Records excerpted from a collection
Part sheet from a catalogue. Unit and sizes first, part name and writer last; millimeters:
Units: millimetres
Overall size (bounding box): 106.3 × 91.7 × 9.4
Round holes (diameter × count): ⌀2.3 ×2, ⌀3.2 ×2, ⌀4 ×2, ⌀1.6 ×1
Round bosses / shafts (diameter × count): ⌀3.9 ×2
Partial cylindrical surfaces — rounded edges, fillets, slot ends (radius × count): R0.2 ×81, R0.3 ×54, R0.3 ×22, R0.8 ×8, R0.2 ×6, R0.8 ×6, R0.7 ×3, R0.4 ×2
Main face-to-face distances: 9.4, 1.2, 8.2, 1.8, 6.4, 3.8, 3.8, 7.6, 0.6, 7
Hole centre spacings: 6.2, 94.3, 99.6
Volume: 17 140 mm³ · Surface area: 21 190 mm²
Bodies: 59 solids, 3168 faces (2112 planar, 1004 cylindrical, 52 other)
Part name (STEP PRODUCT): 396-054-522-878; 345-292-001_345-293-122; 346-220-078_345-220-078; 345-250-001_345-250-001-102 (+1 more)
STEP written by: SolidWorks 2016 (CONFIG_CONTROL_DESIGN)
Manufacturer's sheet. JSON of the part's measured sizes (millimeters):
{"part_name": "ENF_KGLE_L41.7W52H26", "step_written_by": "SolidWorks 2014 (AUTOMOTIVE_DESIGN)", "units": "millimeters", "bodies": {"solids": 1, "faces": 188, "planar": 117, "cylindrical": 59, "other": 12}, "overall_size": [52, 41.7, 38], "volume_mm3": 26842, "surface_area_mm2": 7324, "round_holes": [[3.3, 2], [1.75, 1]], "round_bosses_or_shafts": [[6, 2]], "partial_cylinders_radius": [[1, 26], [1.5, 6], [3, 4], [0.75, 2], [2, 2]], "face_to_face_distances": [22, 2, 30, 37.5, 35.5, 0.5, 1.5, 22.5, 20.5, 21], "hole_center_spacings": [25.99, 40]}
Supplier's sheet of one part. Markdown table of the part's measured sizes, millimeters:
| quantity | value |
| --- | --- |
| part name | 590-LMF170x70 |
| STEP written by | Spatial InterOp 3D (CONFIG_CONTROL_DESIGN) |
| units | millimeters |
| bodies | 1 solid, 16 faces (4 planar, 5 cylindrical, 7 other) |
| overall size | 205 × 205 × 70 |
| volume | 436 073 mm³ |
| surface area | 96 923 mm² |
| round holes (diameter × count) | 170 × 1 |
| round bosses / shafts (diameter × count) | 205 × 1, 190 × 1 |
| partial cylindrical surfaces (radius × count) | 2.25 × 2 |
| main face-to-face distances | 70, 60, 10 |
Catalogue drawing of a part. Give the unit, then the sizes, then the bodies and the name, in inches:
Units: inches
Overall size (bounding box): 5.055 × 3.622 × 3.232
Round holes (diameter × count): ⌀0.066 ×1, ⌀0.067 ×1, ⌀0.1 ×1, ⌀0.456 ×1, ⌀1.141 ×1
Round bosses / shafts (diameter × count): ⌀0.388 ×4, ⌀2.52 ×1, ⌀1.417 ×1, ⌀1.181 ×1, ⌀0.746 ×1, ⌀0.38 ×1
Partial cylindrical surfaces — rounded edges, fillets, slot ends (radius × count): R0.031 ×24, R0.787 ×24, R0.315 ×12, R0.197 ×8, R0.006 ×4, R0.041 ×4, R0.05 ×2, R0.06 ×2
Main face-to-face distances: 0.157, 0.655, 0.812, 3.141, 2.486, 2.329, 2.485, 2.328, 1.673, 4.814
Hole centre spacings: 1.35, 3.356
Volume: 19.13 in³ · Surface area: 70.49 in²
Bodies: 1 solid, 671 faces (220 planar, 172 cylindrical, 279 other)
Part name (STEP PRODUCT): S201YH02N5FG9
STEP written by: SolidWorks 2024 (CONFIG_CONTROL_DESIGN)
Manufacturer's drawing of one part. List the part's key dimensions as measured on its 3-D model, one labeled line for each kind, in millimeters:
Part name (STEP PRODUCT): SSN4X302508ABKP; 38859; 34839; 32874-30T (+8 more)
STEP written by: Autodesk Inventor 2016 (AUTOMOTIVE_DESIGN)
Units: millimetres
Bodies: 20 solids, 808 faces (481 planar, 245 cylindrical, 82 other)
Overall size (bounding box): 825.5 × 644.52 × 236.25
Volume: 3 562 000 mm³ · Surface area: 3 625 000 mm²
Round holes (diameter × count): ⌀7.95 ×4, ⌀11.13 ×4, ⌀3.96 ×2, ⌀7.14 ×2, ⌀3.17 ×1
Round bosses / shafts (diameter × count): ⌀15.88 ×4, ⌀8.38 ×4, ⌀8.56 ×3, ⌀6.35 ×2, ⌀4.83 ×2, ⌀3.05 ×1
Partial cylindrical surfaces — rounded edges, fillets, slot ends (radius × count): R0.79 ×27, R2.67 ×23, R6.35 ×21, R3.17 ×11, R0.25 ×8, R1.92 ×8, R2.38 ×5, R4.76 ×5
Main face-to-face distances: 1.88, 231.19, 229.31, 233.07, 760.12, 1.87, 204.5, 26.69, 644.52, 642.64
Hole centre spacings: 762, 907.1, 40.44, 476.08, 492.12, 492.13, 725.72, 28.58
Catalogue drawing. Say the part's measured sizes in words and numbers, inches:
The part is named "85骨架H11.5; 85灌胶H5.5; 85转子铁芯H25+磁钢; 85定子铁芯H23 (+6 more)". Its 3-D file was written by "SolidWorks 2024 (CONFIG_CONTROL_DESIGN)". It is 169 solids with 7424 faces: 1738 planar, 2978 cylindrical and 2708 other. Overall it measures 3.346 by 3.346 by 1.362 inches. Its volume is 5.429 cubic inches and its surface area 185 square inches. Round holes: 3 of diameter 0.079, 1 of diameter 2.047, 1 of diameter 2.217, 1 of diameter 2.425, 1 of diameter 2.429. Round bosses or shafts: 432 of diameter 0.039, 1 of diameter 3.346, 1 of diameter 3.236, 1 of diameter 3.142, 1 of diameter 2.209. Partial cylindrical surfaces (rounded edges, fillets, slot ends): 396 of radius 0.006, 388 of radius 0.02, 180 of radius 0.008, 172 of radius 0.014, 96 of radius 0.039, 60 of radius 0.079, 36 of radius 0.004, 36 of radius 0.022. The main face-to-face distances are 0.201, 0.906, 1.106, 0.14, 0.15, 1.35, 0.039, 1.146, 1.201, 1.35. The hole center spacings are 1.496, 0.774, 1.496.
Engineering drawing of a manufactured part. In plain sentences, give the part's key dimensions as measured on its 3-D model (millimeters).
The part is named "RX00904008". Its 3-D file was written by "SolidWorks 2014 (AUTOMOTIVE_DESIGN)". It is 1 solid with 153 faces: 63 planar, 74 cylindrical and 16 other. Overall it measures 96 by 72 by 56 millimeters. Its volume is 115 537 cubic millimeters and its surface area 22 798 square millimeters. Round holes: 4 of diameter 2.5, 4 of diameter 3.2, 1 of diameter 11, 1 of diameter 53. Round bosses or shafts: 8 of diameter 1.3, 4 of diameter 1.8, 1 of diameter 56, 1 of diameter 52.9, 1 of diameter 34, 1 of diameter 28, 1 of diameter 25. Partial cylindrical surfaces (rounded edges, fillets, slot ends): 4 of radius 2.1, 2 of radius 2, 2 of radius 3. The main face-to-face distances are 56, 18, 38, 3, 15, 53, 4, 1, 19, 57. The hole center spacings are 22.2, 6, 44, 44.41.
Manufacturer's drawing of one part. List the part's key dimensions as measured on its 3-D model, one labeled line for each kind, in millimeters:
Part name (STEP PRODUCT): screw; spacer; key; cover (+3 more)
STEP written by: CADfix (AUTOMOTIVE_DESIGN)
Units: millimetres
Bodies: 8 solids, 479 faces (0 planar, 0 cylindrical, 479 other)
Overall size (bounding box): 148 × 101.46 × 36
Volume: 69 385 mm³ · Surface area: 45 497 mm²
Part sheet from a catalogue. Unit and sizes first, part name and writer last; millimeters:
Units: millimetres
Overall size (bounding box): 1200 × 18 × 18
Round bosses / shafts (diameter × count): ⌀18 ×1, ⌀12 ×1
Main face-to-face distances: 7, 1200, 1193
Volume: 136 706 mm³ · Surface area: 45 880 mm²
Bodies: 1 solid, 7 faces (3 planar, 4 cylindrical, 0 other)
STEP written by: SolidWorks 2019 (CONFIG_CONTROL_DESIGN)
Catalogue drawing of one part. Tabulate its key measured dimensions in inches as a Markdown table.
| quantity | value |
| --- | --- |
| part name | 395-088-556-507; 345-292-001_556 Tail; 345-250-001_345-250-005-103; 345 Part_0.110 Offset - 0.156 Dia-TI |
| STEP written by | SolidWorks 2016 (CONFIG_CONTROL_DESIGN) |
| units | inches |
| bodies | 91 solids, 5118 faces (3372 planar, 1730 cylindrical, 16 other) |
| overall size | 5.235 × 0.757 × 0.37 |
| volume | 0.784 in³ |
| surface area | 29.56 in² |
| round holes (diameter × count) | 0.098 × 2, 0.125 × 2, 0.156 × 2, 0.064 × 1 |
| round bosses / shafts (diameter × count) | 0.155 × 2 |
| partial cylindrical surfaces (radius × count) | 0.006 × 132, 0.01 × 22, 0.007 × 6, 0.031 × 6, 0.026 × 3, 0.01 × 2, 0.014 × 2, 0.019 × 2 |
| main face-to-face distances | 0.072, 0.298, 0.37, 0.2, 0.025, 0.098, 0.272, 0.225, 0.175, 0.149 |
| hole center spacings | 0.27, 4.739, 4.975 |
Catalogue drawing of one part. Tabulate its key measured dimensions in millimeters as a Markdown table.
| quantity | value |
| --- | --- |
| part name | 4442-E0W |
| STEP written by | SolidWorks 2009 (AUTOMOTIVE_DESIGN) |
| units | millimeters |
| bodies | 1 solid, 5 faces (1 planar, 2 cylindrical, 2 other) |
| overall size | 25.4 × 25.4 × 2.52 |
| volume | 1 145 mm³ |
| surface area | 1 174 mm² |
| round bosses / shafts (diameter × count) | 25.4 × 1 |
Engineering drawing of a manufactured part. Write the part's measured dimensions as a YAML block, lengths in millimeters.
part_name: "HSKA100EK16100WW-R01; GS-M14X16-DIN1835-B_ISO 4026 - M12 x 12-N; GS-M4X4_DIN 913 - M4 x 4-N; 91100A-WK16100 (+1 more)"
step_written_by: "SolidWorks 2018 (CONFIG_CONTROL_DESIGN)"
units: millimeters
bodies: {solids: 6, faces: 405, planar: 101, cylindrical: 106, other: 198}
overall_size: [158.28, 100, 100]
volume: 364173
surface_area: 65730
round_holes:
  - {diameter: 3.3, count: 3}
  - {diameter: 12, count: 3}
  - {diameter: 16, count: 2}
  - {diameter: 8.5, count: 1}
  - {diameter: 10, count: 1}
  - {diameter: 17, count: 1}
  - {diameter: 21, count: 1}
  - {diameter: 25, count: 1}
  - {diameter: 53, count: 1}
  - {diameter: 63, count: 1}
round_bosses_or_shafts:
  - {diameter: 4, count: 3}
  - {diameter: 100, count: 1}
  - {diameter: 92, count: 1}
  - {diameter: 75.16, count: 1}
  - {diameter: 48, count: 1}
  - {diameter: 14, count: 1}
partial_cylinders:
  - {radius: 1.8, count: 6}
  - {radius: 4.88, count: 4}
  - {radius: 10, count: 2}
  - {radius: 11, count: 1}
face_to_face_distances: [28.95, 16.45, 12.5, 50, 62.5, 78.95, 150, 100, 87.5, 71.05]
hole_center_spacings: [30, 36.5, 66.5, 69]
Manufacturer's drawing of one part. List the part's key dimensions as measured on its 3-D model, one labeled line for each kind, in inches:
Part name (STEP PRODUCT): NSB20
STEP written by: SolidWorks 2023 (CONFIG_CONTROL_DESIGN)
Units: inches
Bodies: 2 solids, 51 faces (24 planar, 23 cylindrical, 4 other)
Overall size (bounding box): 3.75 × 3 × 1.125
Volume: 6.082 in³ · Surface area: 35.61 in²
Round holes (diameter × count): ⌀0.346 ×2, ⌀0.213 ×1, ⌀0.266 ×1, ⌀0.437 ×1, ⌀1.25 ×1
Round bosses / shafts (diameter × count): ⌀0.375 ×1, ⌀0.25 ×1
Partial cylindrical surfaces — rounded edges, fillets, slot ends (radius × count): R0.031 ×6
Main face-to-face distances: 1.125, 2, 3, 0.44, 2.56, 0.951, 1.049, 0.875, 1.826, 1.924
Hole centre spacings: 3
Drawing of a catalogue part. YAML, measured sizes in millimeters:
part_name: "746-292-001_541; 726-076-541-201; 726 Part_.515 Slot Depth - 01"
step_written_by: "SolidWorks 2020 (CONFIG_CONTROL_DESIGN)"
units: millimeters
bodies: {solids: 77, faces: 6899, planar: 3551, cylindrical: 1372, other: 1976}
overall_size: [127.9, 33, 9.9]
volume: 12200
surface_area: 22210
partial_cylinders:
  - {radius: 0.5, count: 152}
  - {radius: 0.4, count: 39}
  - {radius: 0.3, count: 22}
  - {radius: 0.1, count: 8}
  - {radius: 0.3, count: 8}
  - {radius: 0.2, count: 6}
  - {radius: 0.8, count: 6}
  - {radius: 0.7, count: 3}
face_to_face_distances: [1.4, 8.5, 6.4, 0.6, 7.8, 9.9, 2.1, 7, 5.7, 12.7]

**Description of the task**
Your task is to list each line of the records with the word "model".

**Output for this exercise**
Manufacturer's drawing of one part. List the part's key dimensions as measured on its 3-D model, one labeled line for each kind, in millimeters:
Engineering drawing of a manufactured part. In plain sentences, give the part's key dimensions as measured on its 3-D model (millimeters).
Manufacturer's drawing of one part. List the part's key dimensions as measured on its 3-D model, one labeled line for each kind, in millimeters:
Manufacturer's drawing of one part. List the part's key dimensions as measured on its 3-D model, one labeled line for each kind, in inches:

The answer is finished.